WORK ITEM => Retype every record exactly. Leave the pictures out.

SUPPLIED ENTRIES =>
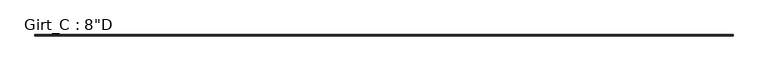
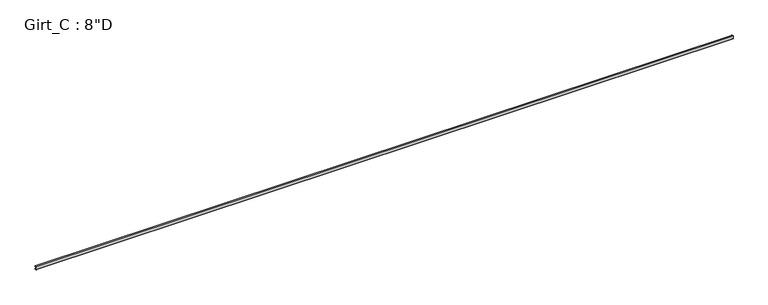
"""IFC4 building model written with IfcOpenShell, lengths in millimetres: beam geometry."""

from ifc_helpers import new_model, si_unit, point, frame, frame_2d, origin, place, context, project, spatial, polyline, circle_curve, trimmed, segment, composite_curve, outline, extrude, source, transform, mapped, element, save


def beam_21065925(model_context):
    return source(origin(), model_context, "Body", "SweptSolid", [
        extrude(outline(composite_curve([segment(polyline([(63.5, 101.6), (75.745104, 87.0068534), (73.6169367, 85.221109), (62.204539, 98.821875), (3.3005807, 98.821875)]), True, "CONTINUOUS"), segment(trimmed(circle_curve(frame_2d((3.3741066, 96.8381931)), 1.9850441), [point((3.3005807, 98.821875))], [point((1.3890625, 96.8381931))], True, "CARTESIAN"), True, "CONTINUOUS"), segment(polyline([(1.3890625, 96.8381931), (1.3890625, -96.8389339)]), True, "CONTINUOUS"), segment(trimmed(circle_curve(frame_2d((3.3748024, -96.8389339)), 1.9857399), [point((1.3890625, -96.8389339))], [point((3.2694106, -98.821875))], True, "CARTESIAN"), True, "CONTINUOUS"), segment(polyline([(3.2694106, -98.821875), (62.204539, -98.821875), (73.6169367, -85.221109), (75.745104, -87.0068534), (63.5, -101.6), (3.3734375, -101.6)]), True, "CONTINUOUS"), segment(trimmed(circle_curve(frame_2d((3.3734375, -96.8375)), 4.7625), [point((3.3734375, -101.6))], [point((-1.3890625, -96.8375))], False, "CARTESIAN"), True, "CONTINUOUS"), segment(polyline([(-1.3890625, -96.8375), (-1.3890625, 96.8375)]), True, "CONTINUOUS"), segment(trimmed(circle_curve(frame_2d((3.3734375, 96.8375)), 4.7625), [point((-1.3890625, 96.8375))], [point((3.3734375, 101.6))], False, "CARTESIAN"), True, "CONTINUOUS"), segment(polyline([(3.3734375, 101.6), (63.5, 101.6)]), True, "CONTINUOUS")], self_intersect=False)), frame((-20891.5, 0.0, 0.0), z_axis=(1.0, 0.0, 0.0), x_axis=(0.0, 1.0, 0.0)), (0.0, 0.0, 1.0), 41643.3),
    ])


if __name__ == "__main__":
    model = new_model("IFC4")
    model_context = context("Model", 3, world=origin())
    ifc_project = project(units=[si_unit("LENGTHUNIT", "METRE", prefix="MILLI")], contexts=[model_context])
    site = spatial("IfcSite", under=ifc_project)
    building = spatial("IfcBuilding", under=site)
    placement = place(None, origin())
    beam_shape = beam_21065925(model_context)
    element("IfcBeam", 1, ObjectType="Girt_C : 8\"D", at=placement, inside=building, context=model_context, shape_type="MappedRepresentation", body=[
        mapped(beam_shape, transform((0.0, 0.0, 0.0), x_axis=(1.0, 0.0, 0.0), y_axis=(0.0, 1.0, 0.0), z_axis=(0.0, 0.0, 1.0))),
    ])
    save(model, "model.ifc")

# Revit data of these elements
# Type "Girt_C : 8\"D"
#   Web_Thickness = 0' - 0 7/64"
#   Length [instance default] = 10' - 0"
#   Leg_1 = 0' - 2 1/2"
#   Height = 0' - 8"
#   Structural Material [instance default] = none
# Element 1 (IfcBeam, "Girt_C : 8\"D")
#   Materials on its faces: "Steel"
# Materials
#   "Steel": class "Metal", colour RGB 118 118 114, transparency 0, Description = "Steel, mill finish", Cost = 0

RESULT =>
"""IFC4 building model written with IfcOpenShell, lengths in millimetres: beam geometry."""

from ifc_helpers import new_model, si_unit, point, frame, frame_2d, origin, place, context, project, spatial, polyline, circle_curve, trimmed, segment, composite_curve, outline, extrude, source, transform, mapped, element, save


def beam_21065925(model_context):
    return source(origin(), model_context, "Body", "SweptSolid", [
        extrude(outline(composite_curve([segment(polyline([(63.5, 101.6), (75.745104, 87.0068534), (73.6169367, 85.221109), (62.204539, 98.821875), (3.3005807, 98.821875)]), True, "CONTINUOUS"), segment(trimmed(circle_curve(frame_2d((3.3741066, 96.8381931)), 1.9850441), [point((3.3005807, 98.821875))], [point((1.3890625, 96.8381931))], True, "CARTESIAN"), True, "CONTINUOUS"), segment(polyline([(1.3890625, 96.8381931), (1.3890625, -96.8389339)]), True, "CONTINUOUS"), segment(trimmed(circle_curve(frame_2d((3.3748024, -96.8389339)), 1.9857399), [point((1.3890625, -96.8389339))], [point((3.2694106, -98.821875))], True, "CARTESIAN"), True, "CONTINUOUS"), segment(polyline([(3.2694106, -98.821875), (62.204539, -98.821875), (73.6169367, -85.221109), (75.745104, -87.0068534), (63.5, -101.6), (3.3734375, -101.6)]), True, "CONTINUOUS"), segment(trimmed(circle_curve(frame_2d((3.3734375, -96.8375)), 4.7625), [point((3.3734375, -101.6))], [point((-1.3890625, -96.8375))], False, "CARTESIAN"), True, "CONTINUOUS"), segment(polyline([(-1.3890625, -96.8375), (-1.3890625, 96.8375)]), True, "CONTINUOUS"), segment(trimmed(circle_curve(frame_2d((3.3734375, 96.8375)), 4.7625), [point((-1.3890625, 96.8375))], [point((3.3734375, 101.6))], False, "CARTESIAN"), True, "CONTINUOUS"), segment(polyline([(3.3734375, 101.6), (63.5, 101.6)]), True, "CONTINUOUS")], self_intersect=False)), frame((-20891.5, 0.0, 0.0), z_axis=(1.0, 0.0, 0.0), x_axis=(0.0, 1.0, 0.0)), (0.0, 0.0, 1.0), 41643.3),
    ])


if __name__ == "__main__":
    model = new_model("IFC4")
    model_context = context("Model", 3, world=origin())
    ifc_project = project(units=[si_unit("LENGTHUNIT", "METRE", prefix="MILLI")], contexts=[model_context])
    site = spatial("IfcSite", under=ifc_project)
    building = spatial("IfcBuilding", under=site)
    placement = place(None, origin())
    beam_shape = beam_21065925(model_context)
    element("IfcBeam", 1, ObjectType="Girt_C : 8\"D", at=placement, inside=building, context=model_context, shape_type="MappedRepresentation", body=[
        mapped(beam_shape, transform((0.0, 0.0, 0.0), x_axis=(1.0, 0.0, 0.0), y_axis=(0.0, 1.0, 0.0), z_axis=(0.0, 0.0, 1.0))),
    ])
    save(model, "model.ifc")

# Revit data of these elements
# Type "Girt_C : 8\"D"
#   Web_Thickness = 0' - 0 7/64"
#   Length [instance default] = 10' - 0"
#   Leg_1 = 0' - 2 1/2"
#   Height = 0' - 8"
#   Structural Material [instance default] = none
# Element 1 (IfcBeam, "Girt_C : 8\"D")
#   Materials on its faces: "Steel"
# Materials
#   "Steel": class "Metal", colour RGB 118 118 114, transparency 0, Description = "Steel, mill finish", Cost = 0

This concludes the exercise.